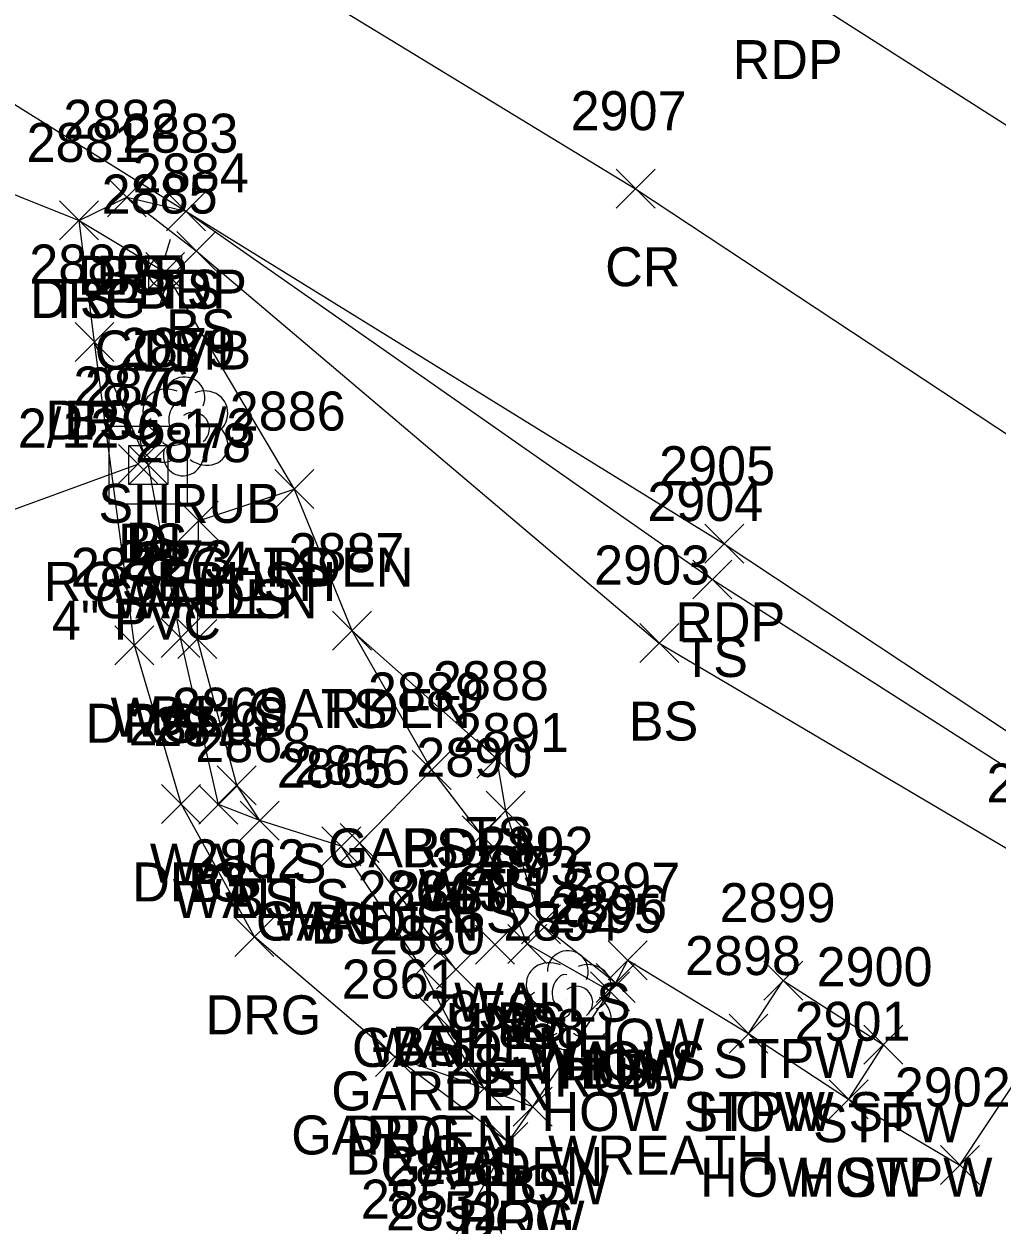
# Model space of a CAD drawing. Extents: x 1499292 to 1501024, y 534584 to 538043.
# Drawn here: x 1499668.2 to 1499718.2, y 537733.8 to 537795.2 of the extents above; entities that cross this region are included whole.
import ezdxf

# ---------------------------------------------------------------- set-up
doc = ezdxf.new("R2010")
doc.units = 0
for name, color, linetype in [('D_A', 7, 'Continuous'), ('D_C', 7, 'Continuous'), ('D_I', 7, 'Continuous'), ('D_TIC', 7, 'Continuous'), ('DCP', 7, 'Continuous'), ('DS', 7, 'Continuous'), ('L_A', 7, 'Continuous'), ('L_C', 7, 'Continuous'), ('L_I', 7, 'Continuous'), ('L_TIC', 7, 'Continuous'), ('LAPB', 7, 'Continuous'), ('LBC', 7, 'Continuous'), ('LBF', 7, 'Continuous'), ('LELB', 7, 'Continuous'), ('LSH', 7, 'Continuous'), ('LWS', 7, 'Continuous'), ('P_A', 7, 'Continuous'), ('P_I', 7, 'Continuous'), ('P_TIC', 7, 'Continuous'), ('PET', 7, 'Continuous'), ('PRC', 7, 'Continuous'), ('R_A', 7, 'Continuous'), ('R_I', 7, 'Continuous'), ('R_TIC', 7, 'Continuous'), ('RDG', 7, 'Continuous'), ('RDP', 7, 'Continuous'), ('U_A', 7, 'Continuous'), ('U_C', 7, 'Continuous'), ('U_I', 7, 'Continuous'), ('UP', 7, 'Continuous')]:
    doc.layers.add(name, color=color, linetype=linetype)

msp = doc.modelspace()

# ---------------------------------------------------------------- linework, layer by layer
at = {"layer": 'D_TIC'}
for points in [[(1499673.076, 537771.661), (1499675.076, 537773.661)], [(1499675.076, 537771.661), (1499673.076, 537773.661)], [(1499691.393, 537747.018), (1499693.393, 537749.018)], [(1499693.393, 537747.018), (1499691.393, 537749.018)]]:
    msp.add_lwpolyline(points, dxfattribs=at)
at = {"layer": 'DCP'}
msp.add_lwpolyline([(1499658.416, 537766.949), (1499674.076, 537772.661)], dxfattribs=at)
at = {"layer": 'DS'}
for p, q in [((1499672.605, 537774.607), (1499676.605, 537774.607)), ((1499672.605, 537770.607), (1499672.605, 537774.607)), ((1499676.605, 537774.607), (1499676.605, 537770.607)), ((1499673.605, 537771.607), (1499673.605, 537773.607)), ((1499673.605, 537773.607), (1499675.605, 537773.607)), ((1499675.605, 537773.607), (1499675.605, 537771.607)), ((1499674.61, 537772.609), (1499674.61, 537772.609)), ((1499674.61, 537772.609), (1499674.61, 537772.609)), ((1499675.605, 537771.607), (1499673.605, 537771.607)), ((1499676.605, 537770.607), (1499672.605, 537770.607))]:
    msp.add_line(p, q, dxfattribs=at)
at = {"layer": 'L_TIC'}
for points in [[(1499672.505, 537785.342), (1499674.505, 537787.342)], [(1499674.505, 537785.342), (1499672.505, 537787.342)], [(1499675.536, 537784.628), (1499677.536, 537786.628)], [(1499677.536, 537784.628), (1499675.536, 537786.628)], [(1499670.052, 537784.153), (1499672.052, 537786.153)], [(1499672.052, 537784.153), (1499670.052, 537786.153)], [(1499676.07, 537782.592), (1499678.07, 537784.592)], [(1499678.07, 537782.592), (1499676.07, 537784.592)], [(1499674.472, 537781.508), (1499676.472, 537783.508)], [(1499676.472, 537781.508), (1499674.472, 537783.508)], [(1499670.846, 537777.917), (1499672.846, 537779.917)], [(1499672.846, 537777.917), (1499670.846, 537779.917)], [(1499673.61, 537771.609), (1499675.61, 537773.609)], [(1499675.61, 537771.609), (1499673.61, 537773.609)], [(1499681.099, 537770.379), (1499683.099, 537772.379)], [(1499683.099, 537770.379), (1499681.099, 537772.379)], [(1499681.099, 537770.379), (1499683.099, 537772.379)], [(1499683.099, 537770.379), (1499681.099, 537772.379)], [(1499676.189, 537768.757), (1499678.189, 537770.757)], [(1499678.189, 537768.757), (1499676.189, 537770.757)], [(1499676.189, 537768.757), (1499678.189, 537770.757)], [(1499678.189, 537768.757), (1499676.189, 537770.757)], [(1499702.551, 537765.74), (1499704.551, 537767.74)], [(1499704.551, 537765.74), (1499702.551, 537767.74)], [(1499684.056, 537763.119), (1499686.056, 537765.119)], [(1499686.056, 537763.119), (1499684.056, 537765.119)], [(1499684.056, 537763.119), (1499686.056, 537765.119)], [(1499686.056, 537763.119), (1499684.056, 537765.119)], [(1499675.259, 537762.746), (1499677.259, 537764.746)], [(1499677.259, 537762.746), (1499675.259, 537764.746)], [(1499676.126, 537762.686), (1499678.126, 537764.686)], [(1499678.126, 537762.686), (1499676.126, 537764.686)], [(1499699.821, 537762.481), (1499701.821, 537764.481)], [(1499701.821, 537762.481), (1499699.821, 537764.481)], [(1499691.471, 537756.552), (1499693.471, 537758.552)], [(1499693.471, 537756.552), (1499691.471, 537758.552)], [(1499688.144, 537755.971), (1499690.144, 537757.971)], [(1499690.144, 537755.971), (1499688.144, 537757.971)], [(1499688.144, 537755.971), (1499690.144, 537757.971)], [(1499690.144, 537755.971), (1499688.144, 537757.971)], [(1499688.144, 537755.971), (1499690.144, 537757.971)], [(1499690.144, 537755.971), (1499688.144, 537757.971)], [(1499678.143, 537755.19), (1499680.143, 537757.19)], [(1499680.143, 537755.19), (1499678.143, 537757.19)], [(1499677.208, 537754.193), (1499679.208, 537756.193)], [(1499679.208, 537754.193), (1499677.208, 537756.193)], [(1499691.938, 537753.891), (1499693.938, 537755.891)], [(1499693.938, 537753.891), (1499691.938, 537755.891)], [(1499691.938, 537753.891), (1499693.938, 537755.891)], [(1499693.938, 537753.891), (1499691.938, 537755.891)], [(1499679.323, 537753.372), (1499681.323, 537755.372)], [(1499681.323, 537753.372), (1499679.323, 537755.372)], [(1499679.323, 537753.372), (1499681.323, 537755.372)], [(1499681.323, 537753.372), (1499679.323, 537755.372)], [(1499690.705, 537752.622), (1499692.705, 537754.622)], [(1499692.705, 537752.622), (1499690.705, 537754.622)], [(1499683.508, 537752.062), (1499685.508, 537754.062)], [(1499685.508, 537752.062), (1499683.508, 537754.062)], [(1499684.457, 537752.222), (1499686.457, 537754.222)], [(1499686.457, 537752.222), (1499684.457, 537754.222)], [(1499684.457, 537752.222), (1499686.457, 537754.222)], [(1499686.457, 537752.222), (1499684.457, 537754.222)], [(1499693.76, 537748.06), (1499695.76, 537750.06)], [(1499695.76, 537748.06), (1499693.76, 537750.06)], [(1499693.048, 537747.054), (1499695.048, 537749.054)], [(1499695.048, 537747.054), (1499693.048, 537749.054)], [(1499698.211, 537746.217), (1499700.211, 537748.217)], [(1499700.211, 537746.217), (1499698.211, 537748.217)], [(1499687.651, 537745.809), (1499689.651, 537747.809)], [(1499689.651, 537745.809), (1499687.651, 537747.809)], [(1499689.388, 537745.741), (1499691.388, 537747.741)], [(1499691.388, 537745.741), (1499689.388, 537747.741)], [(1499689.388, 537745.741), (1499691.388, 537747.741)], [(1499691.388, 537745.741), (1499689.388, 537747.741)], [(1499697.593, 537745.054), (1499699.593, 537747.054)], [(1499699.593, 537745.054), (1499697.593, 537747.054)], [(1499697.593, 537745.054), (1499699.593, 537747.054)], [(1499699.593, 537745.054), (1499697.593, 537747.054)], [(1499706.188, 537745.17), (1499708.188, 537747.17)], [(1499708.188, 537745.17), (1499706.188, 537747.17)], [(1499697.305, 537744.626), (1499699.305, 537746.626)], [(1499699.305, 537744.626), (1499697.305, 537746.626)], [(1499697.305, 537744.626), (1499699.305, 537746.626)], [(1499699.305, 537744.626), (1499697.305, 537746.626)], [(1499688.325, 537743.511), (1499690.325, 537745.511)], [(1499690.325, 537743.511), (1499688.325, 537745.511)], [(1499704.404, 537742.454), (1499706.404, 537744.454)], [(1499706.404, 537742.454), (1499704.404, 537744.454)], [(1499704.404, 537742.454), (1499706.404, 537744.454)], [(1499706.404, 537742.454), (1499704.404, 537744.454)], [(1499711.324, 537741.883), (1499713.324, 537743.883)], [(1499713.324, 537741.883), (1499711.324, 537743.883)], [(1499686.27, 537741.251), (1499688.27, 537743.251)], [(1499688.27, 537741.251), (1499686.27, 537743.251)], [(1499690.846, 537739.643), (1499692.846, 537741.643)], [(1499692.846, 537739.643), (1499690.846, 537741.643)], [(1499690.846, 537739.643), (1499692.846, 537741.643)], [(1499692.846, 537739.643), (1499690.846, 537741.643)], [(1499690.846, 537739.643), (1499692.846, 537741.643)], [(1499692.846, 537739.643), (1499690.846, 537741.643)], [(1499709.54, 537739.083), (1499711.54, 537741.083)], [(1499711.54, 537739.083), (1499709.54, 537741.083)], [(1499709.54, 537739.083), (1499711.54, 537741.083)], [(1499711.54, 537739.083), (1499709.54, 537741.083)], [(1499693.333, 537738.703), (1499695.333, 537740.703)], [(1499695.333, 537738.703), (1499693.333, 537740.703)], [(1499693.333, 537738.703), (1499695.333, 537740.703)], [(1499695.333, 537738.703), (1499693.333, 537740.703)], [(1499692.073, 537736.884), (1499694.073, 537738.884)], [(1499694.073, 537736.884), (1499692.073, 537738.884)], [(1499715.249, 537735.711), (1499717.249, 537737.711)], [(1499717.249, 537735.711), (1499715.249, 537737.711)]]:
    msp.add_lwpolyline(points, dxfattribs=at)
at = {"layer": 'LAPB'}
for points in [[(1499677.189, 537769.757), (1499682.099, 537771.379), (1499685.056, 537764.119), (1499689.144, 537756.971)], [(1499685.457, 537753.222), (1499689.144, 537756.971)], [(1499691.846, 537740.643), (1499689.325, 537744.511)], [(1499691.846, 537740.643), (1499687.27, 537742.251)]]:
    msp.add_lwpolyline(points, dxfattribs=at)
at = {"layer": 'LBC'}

○ ○ ○ ○ ○

Find the word "LAPB" in the entries above, then copy each line that holds it.

for name, color, linetype in [('D_A', 7, 'Continuous'), ('D_C', 7, 'Continuous'), ('D_I', 7, 'Continuous'), ('D_TIC', 7, 'Continuous'), ('DCP', 7, 'Continuous'), ('DS', 7, 'Continuous'), ('L_A', 7, 'Continuous'), ('L_C', 7, 'Continuous'), ('L_I', 7, 'Continuous'), ('L_TIC', 7, 'Continuous'), ('LAPB', 7, 'Continuous'), ('LBC', 7, 'Continuous'), ('LBF', 7, 'Continuous'), ('LELB', 7, 'Continuous'), ('LSH', 7, 'Continuous'), ('LWS', 7, 'Continuous'), ('P_A', 7, 'Continuous'), ('P_I', 7, 'Continuous'), ('P_TIC', 7, 'Continuous'), ('PET', 7, 'Continuous'), ('PRC', 7, 'Continuous'), ('R_A', 7, 'Continuous'), ('R_I', 7, 'Continuous'), ('R_TIC', 7, 'Continuous'), ('RDG', 7, 'Continuous'), ('RDP', 7, 'Continuous'), ('U_A', 7, 'Continuous'), ('U_C', 7, 'Continuous'), ('U_I', 7, 'Continuous'), ('UP', 7, 'Continuous')]:
at = {"layer": 'LAPB'}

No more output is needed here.